The Sync Autotuner has already been field-tested and its performance validated by a number of marquee customers, leading to key partnerships. Duolingo, the world’s #1 language learning platform, serving more than 40 million monthly active users, cut daily data job costs on the cloud in half with the Sync Autotuner, with only a negligible increase in run time. “We run many big data jobs, so optimizing our cloud processing performance is critical to our success as a business,” said Kevin Wang, analytics engineer at Duolingo. “We were impressed by Sync Computing’s delivery and appreciated their ability to predict optimized results, even before running our jobs. We are confident they can continue to help us forecast performance and reduce costs for our Spark workloads.”
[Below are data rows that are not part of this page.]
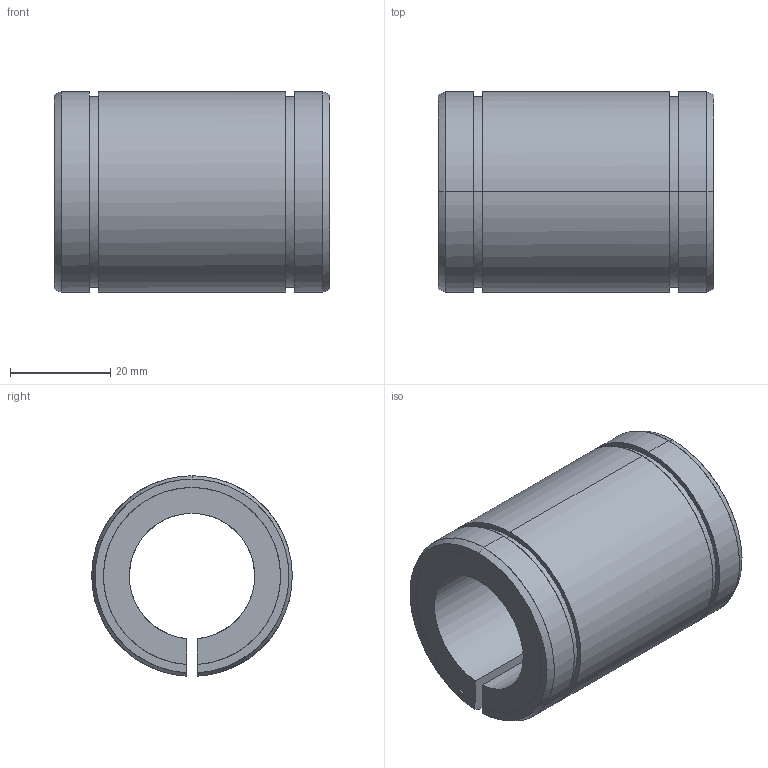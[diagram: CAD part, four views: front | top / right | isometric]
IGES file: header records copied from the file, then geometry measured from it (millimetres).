
Global section: file name: No Iges File Name specified; native system: AutoDesk Inventor R10; preprocessor: AutoDesk Inventor Iges Exporter R10; author: No Author specified; organization: No Organization specified; date: 20101208.100720; units: millimetre
Bounding box: 55 x 39.99 x 39.98 mm (x, y, z)
Surface area: 13664.2 mm2 (no closed solid volume)
Topology: 0 solids, 0 shells, 30 faces, 256 edges, 256 vertices
Faces by surface type: bspline 30

Founded by PhDs Jeff Chou (CEO) and Suraj Bramhavar (CTO), Sync Computing is the first company to harness the computational power of physics to find mathematically the best way to provision cloud infrastructure for data, machine learning, and scientific distributed-based workloads. Sync provides the only solution, which globally optimizes and automates application configurations, cloud infrastructure, and scheduling to achieve business goals of performance or cost.
With a growing team joining from MIT, UC Berkeley, Harvard, Stanford, IBM, Intel, and Cloudability, Sync Computing is working with leading enterprises to optimally tune big data processing across its optimal cloud compute.
The Engine is a Cambridge, MA-based venture capital firm. It was conceived and created by MIT in 2016 to address the unmet need for sustained support for startups with the potential to solve complex, existential challenges and make a material, positive impact on society. The Engine provides access to long-term capital, knowledge, connections, as well as the infrastructure these Tough Tech companies need to thrive.